Separately, the R-squared is somewhat low. The model explains only 35.74% of the variation in life expectancy. Although the F-test suggests the model is statistically significant (F = 34.49 and p-value < 2.2e-16), we cannot conclude the model is a good fit for prediction purposes. Lastly, the p-value of all the coefficients are nearly zero so the coefficients are very statistically significant.
Looking at the diagnostic plots, we see that residuals are highly skewed. In the residual vs. Fitted plot and in the Residuals vs. Leverage plots, observation 45 is an influential outlier. This observation is corresponds to the nation of Cyprus with has a PropMD = 3.32% , TotExp is 40,749 per capita which has a life expectancy of over 80 year. The removal of Cyprus will improve the model R-squared substantially.

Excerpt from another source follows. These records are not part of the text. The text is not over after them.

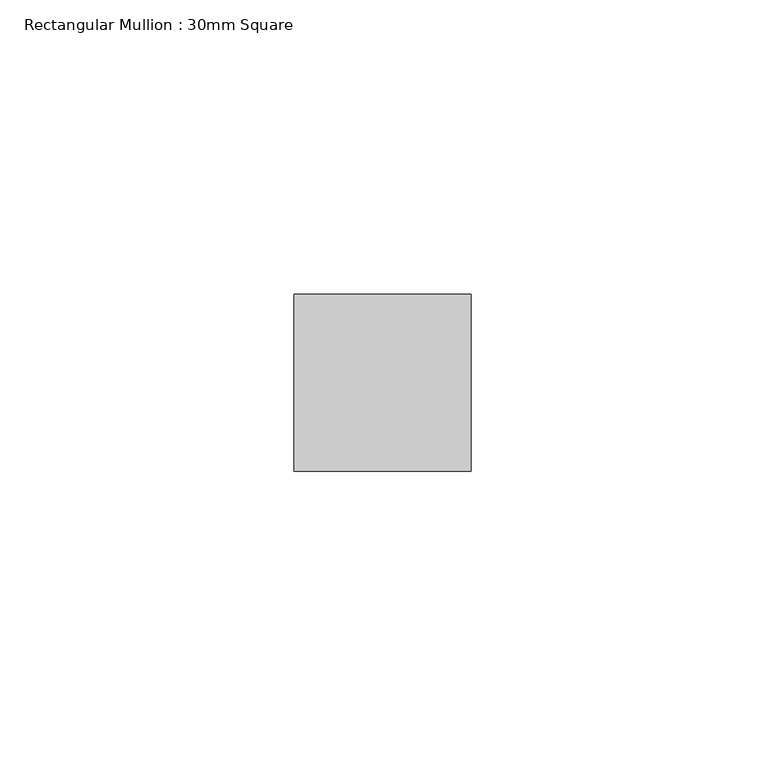
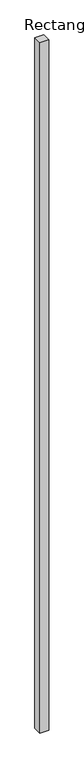
"""IFC4 building model written with IfcOpenShell, lengths in millimetres: member geometry, Rectangular Mullion : 30mm Square."""

import ifcopenshell
import ifcopenshell.guid

model = None  # the IFC model being written
_history = None  # IfcOwnerHistory: only IFC2X3 demands one
_inside = {}  # id of a spatial element -> (the spatial element, [elements in it])
_under = {}  # id of a project, library or spatial element -> (it, [spatial elements below it])
_declared = {}  # id of a project -> (the project, [libraries it declares])
_typed = {}  # id of a type object -> (the type object, [elements of that type])
_made_of = {}  # id of a material, layer set ... -> (it, [elements and type objects made of it])


def new_model(schema):
    """Start an empty IFC model of exactly this schema.

    Asked for "IFC4X3", IfcOpenShell would pick the latest addendum, in which some entities
    have other attributes; the version numbers below select the first issue.
    IFC2X3 requires an IfcOwnerHistory on every rooted entity: one is made here for all.
    """
    global model, _history
    if schema == "IFC4X3":
        model = ifcopenshell.file(schema_version=(4, 3, 0, 0))
    else:
        model = ifcopenshell.file(schema=schema)
    _inside.clear()
    _under.clear()
    _declared.clear()
    _typed.clear()
    _made_of.clear()
    _history = None
    if model.schema == "IFC2X3":
        org = make("IfcOrganization", Name="unknown")
        user = make(
            "IfcPersonAndOrganization",
            ThePerson=make("IfcPerson", FamilyName="unknown"),
            TheOrganization=org,
        )
        app = make(
            "IfcApplication",
            ApplicationDeveloper=org,
            Version="unknown",
            ApplicationFullName="unknown",
            ApplicationIdentifier="unknown",
        )
        _history = make(
            "IfcOwnerHistory",
            OwningUser=user,
            OwningApplication=app,
            ChangeAction="ADDED",
            CreationDate=0,
        )
    return model


def make(cls, **values):
    """One entity of the class cls with the attributes given. An attribute that is None is left unset."""
    return model.create_entity(
        cls, **{name: value for name, value in values.items() if value is not None}
    )


def rooted(cls, **values):
    """An entity with a GlobalId (a new one), such as an element, a storey or a relation."""
    return make(cls, GlobalId=ifcopenshell.guid.new(), OwnerHistory=_history, **values)


def si_unit(unit_type, name, prefix=None):
    """IfcSIUnit, for example si_unit("LENGTHUNIT", "METRE", prefix="MILLI")."""
    return make("IfcSIUnit", UnitType=unit_type, Prefix=prefix, Name=name)


def assignment(units):
    """IfcUnitAssignment: the units of a project."""
    return None if units is None else make("IfcUnitAssignment", Units=units)


def point(xyz):
    """IfcCartesianPoint."""
    return None if xyz is None else make("IfcCartesianPoint", Coordinates=xyz)


def direction(xyz):
    """IfcDirection."""
    return None if xyz is None else make("IfcDirection", DirectionRatios=xyz)


def frame(location, z_axis=None, x_axis=None):
    """IfcAxis2Placement3D, a coordinate frame: its origin and axes. An axis left out is left unset."""
    return make(
        "IfcAxis2Placement3D",
        Location=point(location),
        Axis=direction(z_axis),
        RefDirection=direction(x_axis),
    )


def origin():
    """The frame at (0, 0, 0) with its axes left unset."""
    return frame((0.0, 0.0, 0.0))


def place(relative_to, where):
    """IfcLocalPlacement: puts the frame where relative to a parent placement (None: the world)."""
    return make(
        "IfcLocalPlacement", PlacementRelTo=relative_to, RelativePlacement=where
    )


def context(
    kind, dimensions, precision=None, world=None, true_north=None, identifier=None
):
    """IfcGeometricRepresentationContext, for example the 3D "Model" context."""
    return make(
        "IfcGeometricRepresentationContext",
        ContextIdentifier=identifier,
        ContextType=kind,
        CoordinateSpaceDimension=dimensions,
        Precision=precision,
        WorldCoordinateSystem=world,
        TrueNorth=true_north,
    )


def project(units=None, contexts=None):
    """IfcProject with its units and contexts."""
    return rooted(
        "IfcProject",
        Name="project",
        RepresentationContexts=contexts,
        UnitsInContext=assignment(units),
    )


def spatial(cls, under=None, at=None, **own):
    """A site, building, storey or space (cls), placed at a placement, below another one or the project."""
    s = rooted(cls, ObjectPlacement=at, **own)
    if under is not None:
        _under.setdefault(under.id(), (under, []))[1].append(s)
    return s


def polyline(points):
    """IfcPolyline through the points."""
    return make("IfcPolyline", Points=[point(p) for p in points])


def outline(outer, holes=None, kind="AREA"):
    """IfcArbitraryClosedProfileDef: a profile drawn as a closed curve; with holes, ...WithVoids."""
    if holes is None:
        return make("IfcArbitraryClosedProfileDef", ProfileType=kind, OuterCurve=outer)
    return make(
        "IfcArbitraryProfileDefWithVoids",
        ProfileType=kind,
        OuterCurve=outer,
        InnerCurves=holes,
    )


def extrude(swept, where, along, depth):
    """IfcExtrudedAreaSolid: the profile swept, set in the frame where, extruded along a direction by depth."""
    return make(
        "IfcExtrudedAreaSolid",
        SweptArea=swept,
        Position=where,
        ExtrudedDirection=direction(along),
        Depth=depth,
    )


def shape(context_of_items, identifier, shape_type, items):
    """IfcShapeRepresentation: the items that make up one representation, for example the "Body"."""
    return make(
        "IfcShapeRepresentation",
        ContextOfItems=context_of_items,
        RepresentationIdentifier=identifier,
        RepresentationType=shape_type,
        Items=items,
    )


def source(mapping_origin, context_of_items, identifier, shape_type, items):
    """IfcRepresentationMap: a shape defined once, which mapped items show again and again."""
    return make(
        "IfcRepresentationMap",
        MappingOrigin=mapping_origin,
        MappedRepresentation=shape(context_of_items, identifier, shape_type, items),
    )


def transform(
    local_origin,
    x_axis=None,
    y_axis=None,
    z_axis=None,
    scale=None,
    scale2=None,
    scale3=None,
    uniform=True,
):
    """IfcCartesianTransformationOperator3D, or its non-uniform kind. x_axis, y_axis, z_axis: its Axis1, 2, 3."""
    if uniform:
        return make(
            "IfcCartesianTransformationOperator3D",
            Axis1=direction(x_axis),
            Axis2=direction(y_axis),
            LocalOrigin=point(local_origin),
            Scale=scale,
            Axis3=direction(z_axis),
        )
    return make(
        "IfcCartesianTransformationOperator3DnonUniform",
        Axis1=direction(x_axis),
        Axis2=direction(y_axis),
        LocalOrigin=point(local_origin),
        Scale=scale,
        Axis3=direction(z_axis),
        Scale2=scale2,
        Scale3=scale3,
    )


def mapped(mapping_source, mapping_target):
    """IfcMappedItem: shows the shape of a source again, moved by a transform."""
    return make(
        "IfcMappedItem", MappingSource=mapping_source, MappingTarget=mapping_target
    )


def made_of(thing, what):
    """Note that an element or type object is made of a material, layer set ...; save() writes the relation."""
    if what is not None:
        _made_of.setdefault(what.id(), (what, []))[1].append(thing)
    return thing


def element(
    cls,
    number,
    at=None,
    inside=None,
    cuts=None,
    type_object=None,
    material=None,
    context=None,
    identifier="Body",
    shape_type=None,
    held_by="IfcProductDefinitionShape",
    body=None,
    shapes=None,
    **own,
):
    """One element of the class cls, such as IfcWall. Its Tag is "e" and its number.

    at: its placement. inside: the storey or other place that contains it. cuts: it is an
    opening in that element (IfcRelVoidsElement). A single representation is given by context,
    identifier, shape_type and body (its items); several are given by shapes. held_by: the class
    of the entity that holds the representations. save() writes the other relations.
    """
    e = rooted(cls, Tag="e%d" % number, ObjectPlacement=at, **own)
    if body is not None:
        shapes = [shape(context, identifier, shape_type, body)]
    if shapes is not None:
        e.Representation = make(held_by, Representations=shapes)
    if inside is not None:
        _inside.setdefault(inside.id(), (inside, []))[1].append(e)
    if cuts is not None:
        rooted(
            "IfcRelVoidsElement", RelatingBuildingElement=cuts, RelatedOpeningElement=e
        )
    if type_object is not None:
        _typed.setdefault(type_object.id(), (type_object, []))[1].append(e)
    return made_of(e, material)


def aggregate(whole, parts):
    """IfcRelAggregates: a whole, such as a stair, and the parts it consists of."""
    return rooted("IfcRelAggregates", RelatingObject=whole, RelatedObjects=parts)


def save(model, path):
    """Write the relations noted so far, then the file.

    IfcRelAggregates (storeys below a building ...), IfcRelContainedInSpatialStructure (elements
    in a storey), IfcRelDefinesByType, IfcRelAssociatesMaterial and IfcRelDeclares: one each for
    every whole, place, type object, material and project.
    """
    for whole, parts in _under.values():
        aggregate(whole, parts)
    for where, things in _inside.values():
        rooted(
            "IfcRelContainedInSpatialStructure",
            RelatedElements=things,
            RelatingStructure=where,
        )
    for kind, things in _typed.values():
        rooted("IfcRelDefinesByType", RelatedObjects=things, RelatingType=kind)
    for what, things in _made_of.values():
        rooted("IfcRelAssociatesMaterial", RelatedObjects=things, RelatingMaterial=what)
    for by, libraries in _declared.values():
        rooted("IfcRelDeclares", RelatingContext=by, RelatedDefinitions=libraries)
    model.write(path)


def rectangular_mullion_30mm_square_17cee0f7(model_context):
    return source(origin(), model_context, "Body", "SweptSolid", [
        extrude(outline(polyline([(15.0, 15.0), (15.0, -15.0), (-15.0, -15.0), (-15.0, 15.0), (15.0, 15.0)])), frame((0.0, 0.0, -2506.1453827), z_axis=(0.0, 0.0, 1.0), x_axis=(1.0, 0.0, 0.0)), (0.0, 0.0, 1.0), 2506.1453827),
    ])


if __name__ == "__main__":
    model = new_model("IFC4")
    model_context = context("Model", 3, world=origin())
    ifc_project = project(units=[si_unit("LENGTHUNIT", "METRE", prefix="MILLI")], contexts=[model_context])
    site = spatial("IfcSite", under=ifc_project)
    building = spatial("IfcBuilding", under=site)
    placement = place(None, origin())
    rectangular_mullion_30mm_square_shape = rectangular_mullion_30mm_square_17cee0f7(model_context)
    element("IfcMember", 1, ObjectType="Rectangular Mullion : 30mm Square", at=placement, inside=building, context=model_context, shape_type="MappedRepresentation", body=[
        mapped(rectangular_mullion_30mm_square_shape, transform((0.0, 0.0, 0.0), x_axis=(1.0, 0.0, 0.0), y_axis=(0.0, 1.0, 0.0), z_axis=(0.0, 0.0, 1.0))),
    ])
    save(model, "model.ifc")

# Revit data of these elements
# Type "Rectangular Mullion : 30mm Square"
#   built-in parameter 1007304 = 0.0984252 (stored number, unit not read)
#   built-in parameter 1007301 = 0.0492126 (stored number, unit not read)
#   built-in parameter 1007300 = 0.0492126 (stored number, unit not read)
# Element 1 (IfcMember, "Rectangular Mullion : 30mm Square")
#   Materials on its faces: "Aluminum"
# Materials
#   "Aluminum": class "Metal", colour RGB 244 244 244, transparency 0, Description = "Aluminum 6061", Cost = 0

whoMinusCyprus = who[-45,]
modExCyprus = lm( LifeExp ~ PropMD + TotExp + PropMD * TotExp, data = whoMinusCyprus )
summary(modExCyprus)
##
## Call:
## lm(formula = LifeExp ~ PropMD + TotExp + PropMD * TotExp, data = whoMinusCyprus)
##
## Residuals:
## Min 1Q Median 3Q Max
## -19.6078 -4.5469 0.6976 6.1319 12.6637
##
## Coefficients:
## Estimate Std. Error t value Pr(>|t|)
## (Intercept) 5.946e+01 8.516e-01 69.823 < 2e-16 ***
## PropMD 4.482e+03 4.927e+02 9.098 < 2e-16 ***
## TotExp 8.102e-05 8.099e-06 10.004 < 2e-16 ***
## PropMD:TotExp -1.608e-02 1.943e-03 -8.276 2.47e-14 ***
## ---
## Signif. codes: 0 '***' 0.001 '**' 0.01 '*' 0.05 '.' 0.1 ' ' 1
##
## Residual standard error: 7.811 on 185 degrees of freedom
## Multiple R-squared: 0.4888, Adjusted R-squared: 0.4805
## F-statistic: 58.96 on 3 and 185 DF, p-value: < 2.2e-16
hist(modExCyprus$residuals)
In the above, we see that modExCyprus explained 48.8% of the variance whereas mod3 explains only 35.7% of the variance. This change in R-2 confirms the significance of removing the outlier Cyprus.
We now examine the prediction of the multiple regression model when PropMD = 0.03 and TotExp = 14.
new.data2 = data.frame( PropMD = c(0.03), TotExp = c(14))
( p2 = predict(mod3, new.data2) )
## 1
## 107.696
The predicted life expectancy is 107.7 years which is unrealistic because no country is every likely to reach this life expectancy within the 21th century even with gradual improvements in medical care.